Work to complete: All the lines below need retyping exactly, apart from the images.

Records excerpted from a collection:
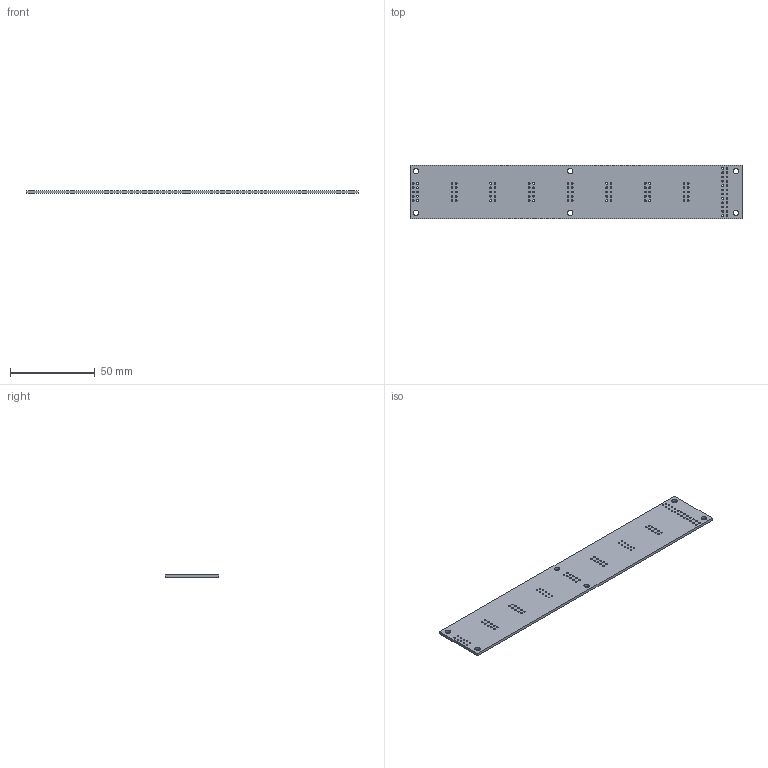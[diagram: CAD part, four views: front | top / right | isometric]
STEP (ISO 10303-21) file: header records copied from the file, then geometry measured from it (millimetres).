
FILE_DESCRIPTION(('KiCad electronic assembly'),'2;1');
FILE_NAME('octadac_spi.step','2023-01-18T11:02:18',('Pcbnew'),('Kicad'), 'Open CASCADE STEP processor 7.6','KiCad to STEP converter','Unknown' );
FILE_SCHEMA(('AUTOMOTIVE_DESIGN { 1 0 10303 214 1 1 1 1 }'));
Length unit declared in the file: millimetre
Products named in the file (2): octadac_spi 1; octadac_spi PCB
Assembly tree (1 placements, depth 2):
  octadac_spi 1
    octadac_spi PCB
Bounding box: 196.23 x 31.75 x 1.6 mm (x, y, z)
Volume: 9760.6 mm3; surface area: 13549.5 mm2
Topology: 1 solids, 1 shells, 116 faces, 342 edges, 228 vertices
Faces by surface type: cylinder 110, plane 6
Full cylindrical faces by diameter (mm): 1 x104, 3.2 x6
Entity records: 9599 total; most frequent: CARTESIAN_POINT 2692, DIRECTION 1262, ORIENTED_EDGE 684, PCURVE 684, DEFINITIONAL_REPRESENTATION 684, LINE 586, VECTOR 586, EDGE_CURVE 342

Response below:
[diagram: CAD part, four views: front | top / right | isometric]
STEP (ISO 10303-21) file: header records copied from the file, then geometry measured from it (millimetres).
FILE_DESCRIPTION(('KiCad electronic assembly'),'2;1');
FILE_NAME('octadac_spi.step','2023-01-18T11:02:18',('Pcbnew'),('Kicad'), 'Open CASCADE STEP processor 7.6','KiCad to STEP converter','Unknown' );
FILE_SCHEMA(('AUTOMOTIVE_DESIGN { 1 0 10303 214 1 1 1 1 }'));
Length unit declared in the file: millimetre
Products named in the file (2): octadac_spi 1; octadac_spi PCB
Assembly tree (1 placements, depth 2):
  octadac_spi 1
    octadac_spi PCB
Bounding box: 196.23 x 31.75 x 1.6 mm (x, y, z)
Volume: 9760.6 mm3; surface area: 13549.5 mm2
Topology: 1 solids, 1 shells, 116 faces, 342 edges, 228 vertices
Faces by surface type: cylinder 110, plane 6
Full cylindrical faces by diameter (mm): 1 x104, 3.2 x6
Entity records: 9599 total; most frequent: CARTESIAN_POINT 2692, DIRECTION 1262, ORIENTED_EDGE 684, PCURVE 684, DEFINITIONAL_REPRESENTATION 684, LINE 586, VECTOR 586, EDGE_CURVE 342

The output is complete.